Extremes meet. It was from houses such as I have spoken of that we went direct to Stafford House, to meet the Marquis of Stafford by appointment, and to be shown over that palace by him. What a change! If the former were not up to our expectations, this exceeded them. I don't suppose any one ever has expected to see such a staircase as enchants him upon entering Stafford House. This is the most magnificent residence any of us has ever seen. I will not trust myself to speak of its beauties, nor of the treasures it contains. One begins to understand to what the Marquis of Stafford is born. The Sutherland family have a million two hundred thousand acres of land in Britain; no other family in the world compares with them as landowners. It is positively startling to think of it. Almost the entire County of Sutherland is theirs. Stafford House is their London residence. They have Trentham Hall and Lillieshall in Mid-England, and glorious Dunrobin Castle in Scotland.

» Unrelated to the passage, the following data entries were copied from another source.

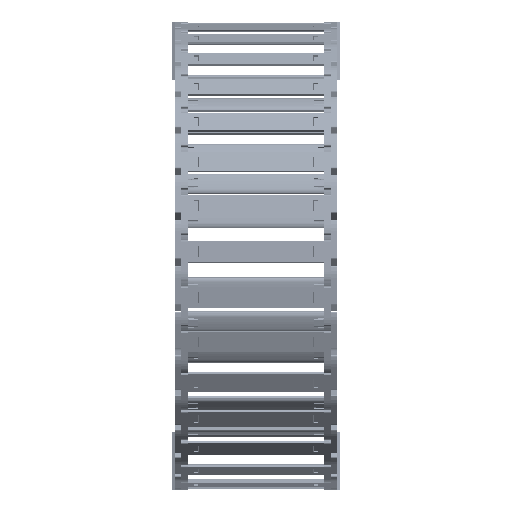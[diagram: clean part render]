
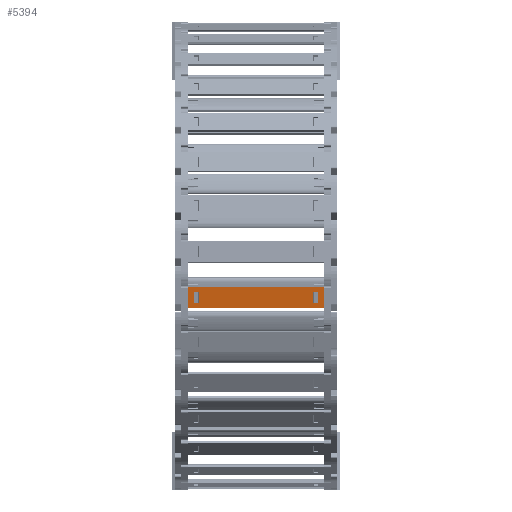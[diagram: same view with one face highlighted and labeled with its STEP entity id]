
A CAD part, left-side view. The second image highlights one B-rep face of the part: STEP entity #5394.
In plain terms, the highlighted planar face has unit normal (-0.984, 0, -0.177) as drawn and (0, 1, 0) by its records, which use the part's own axes.
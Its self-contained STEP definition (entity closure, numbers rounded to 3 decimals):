
#4814=DIRECTION('',(0.,0.,1.));
#4815=VECTOR('',#4814,15.8);
#4816=CARTESIAN_POINT('',(85.74,1.5,-7.9));
#4817=LINE('',#4816,#4815);
#4818=DIRECTION('',(-1.,0.,0.));
#4819=VECTOR('',#4818,100.5);
#4820=CARTESIAN_POINT('',(85.74,1.5,7.9));
#4821=LINE('',#4820,#4819);
#4822=DIRECTION('',(0.,0.,-1.));
#4823=VECTOR('',#4822,15.8);
#4824=CARTESIAN_POINT('',(-14.76,1.5,7.9));
#4825=LINE('',#4824,#4823);
#4826=DIRECTION('',(1.,0.,0.));
#4827=VECTOR('',#4826,3.648);
#4828=CARTESIAN_POINT('',(78.122,1.5,4.075));
#4829=LINE('',#4828,#4827);
#4830=DIRECTION('',(0.,0.,-1.));
#4831=VECTOR('',#4830,8.15);
#4832=CARTESIAN_POINT('',(81.77,1.5,4.075));
#4833=LINE('',#4832,#4831);
#4834=DIRECTION('',(-1.,0.,0.));
#4835=VECTOR('',#4834,3.648);
#4836=CARTESIAN_POINT('',(81.77,1.5,-4.075));
#4837=LINE('',#4836,#4835);
#4838=DIRECTION('',(0.,0.,-1.));
#4839=VECTOR('',#4838,8.15);
#4840=CARTESIAN_POINT('',(-7.142,1.5,4.075));
#4841=LINE('',#4840,#4839);
#4842=DIRECTION('',(-1.,0.,0.));
#4843=VECTOR('',#4842,3.648);
#4844=CARTESIAN_POINT('',(-7.142,1.5,-4.075));
#4845=LINE('',#4844,#4843);
#4846=DIRECTION('',(0.,0.,1.));
#4847=VECTOR('',#4846,8.15);
#4848=CARTESIAN_POINT('',(-10.79,1.5,-4.075));
#4849=LINE('',#4848,#4847);
#4850=DIRECTION('',(1.,0.,0.));
#4851=VECTOR('',#4850,3.648);
#4852=CARTESIAN_POINT('',(-10.79,1.5,4.075));
#4853=LINE('',#4852,#4851);
#4858=DIRECTION('',(-1.,0.,0.));
#4859=VECTOR('',#4858,100.5);
#4860=CARTESIAN_POINT('',(85.74,1.5,-7.9));
#4861=LINE('',#4860,#4859);
#4979=DIRECTION('',(0.,0.,-1.));
#4980=VECTOR('',#4979,8.15);
#4981=CARTESIAN_POINT('',(78.122,1.5,4.075));
#4982=LINE('',#4981,#4980);
#5164=CARTESIAN_POINT('',(81.77,1.5,4.075));
#5165=VERTEX_POINT('',#5164);
#5166=CARTESIAN_POINT('',(78.122,1.5,4.075));
#5167=VERTEX_POINT('',#5166);
#5208=CARTESIAN_POINT('',(78.122,1.5,-4.075));
#5209=VERTEX_POINT('',#5208);
#5210=CARTESIAN_POINT('',(81.77,1.5,-4.075));
#5211=VERTEX_POINT('',#5210);
#5212=CARTESIAN_POINT('',(85.74,1.5,7.9));
#5214=VERTEX_POINT('',#5212);
#5216=CARTESIAN_POINT('',(85.74,1.5,-7.9));
#5217=VERTEX_POINT('',#5216);
#5240=CARTESIAN_POINT('',(-7.142,1.5,4.075));
#5241=CARTESIAN_POINT('',(-7.142,1.5,-4.075));
#5242=VERTEX_POINT('',#5240);
#5243=VERTEX_POINT('',#5241);
#5244=CARTESIAN_POINT('',(-10.79,1.5,-4.075));
#5245=VERTEX_POINT('',#5244);
#5246=CARTESIAN_POINT('',(-10.79,1.5,4.075));
#5247=VERTEX_POINT('',#5246);
#5248=CARTESIAN_POINT('',(-14.76,1.5,7.9));
#5249=VERTEX_POINT('',#5248);
#5252=CARTESIAN_POINT('',(-14.76,1.5,-7.9));
#5253=VERTEX_POINT('',#5252);
#5363=CARTESIAN_POINT('',(117.48,1.5,10.061));
#5364=DIRECTION('',(0.,-1.,0.));
#5365=DIRECTION('',(0.,0.,-1.));
#5366=AXIS2_PLACEMENT_3D('',#5363,#5364,#5365);
#5367=PLANE('',#5366);
#5368=ORIENTED_EDGE('',*,*,#5302,.T.);
#5369=ORIENTED_EDGE('',*,*,#5328,.T.);
#5370=ORIENTED_EDGE('',*,*,#5341,.T.);
#5372=ORIENTED_EDGE('',*,*,#5371,.F.);
#5373=EDGE_LOOP('',(#5368,#5369,#5370,#5372));
#5374=FACE_OUTER_BOUND('',#5373,.F.);
#5376=ORIENTED_EDGE('',*,*,#5375,.F.);
#5377=ORIENTED_EDGE('',*,*,#5265,.T.);
#5379=ORIENTED_EDGE('',*,*,#5378,.T.);
#5381=ORIENTED_EDGE('',*,*,#5380,.T.);
#5382=EDGE_LOOP('',(#5376,#5377,#5379,#5381));
#5383=FACE_BOUND('',#5382,.F.);
#5385=ORIENTED_EDGE('',*,*,#5384,.T.);
#5387=ORIENTED_EDGE('',*,*,#5386,.T.);
#5389=ORIENTED_EDGE('',*,*,#5388,.T.);
#5391=ORIENTED_EDGE('',*,*,#5390,.T.);
#5392=EDGE_LOOP('',(#5385,#5387,#5389,#5391));
#5393=FACE_BOUND('',#5392,.F.);
#5394=ADVANCED_FACE('',(#5374,#5383,#5393),#5367,.F.);
#5265=EDGE_CURVE('',#5167,#5165,#4829,.T.);
#5302=EDGE_CURVE('',#5217,#5214,#4817,.T.);
#5328=EDGE_CURVE('',#5214,#5249,#4821,.T.);
#5341=EDGE_CURVE('',#5249,#5253,#4825,.T.);
#5371=EDGE_CURVE('',#5217,#5253,#4861,.T.);
#5375=EDGE_CURVE('',#5167,#5209,#4982,.T.);
#5378=EDGE_CURVE('',#5165,#5211,#4833,.T.);
#5380=EDGE_CURVE('',#5211,#5209,#4837,.T.);
#5384=EDGE_CURVE('',#5242,#5243,#4841,.T.);
#5386=EDGE_CURVE('',#5243,#5245,#4845,.T.);
#5388=EDGE_CURVE('',#5245,#5247,#4849,.T.);
#5390=EDGE_CURVE('',#5247,#5242,#4853,.T.);

The Marquis sits in the House of Commons as member for Sutherland County; and what do you think! he is a painstaking director of the London and North-Western Railway, and I am informed pays strict attention to its affairs. The Duke of Devonshire is Chairman of the Barrow Steel Company. Lord Granville has iron works, and Earl Dudley is one of the principal iron manufacturers of England. It is all right, you see, my friends, to be a steel-rail manufacturer or an iron-master. How fortunate! But the line must be drawn somewhere, and we draw it at trade. The A. T. Stewarts and the Morrisons have no standing in society in England. They are in vulgar trade. Now if they brewed beer, for instance, they would be somebodies, and might confidently look forward to a baronetcy at least; for a great deal of beer a peerage is not beyond reach.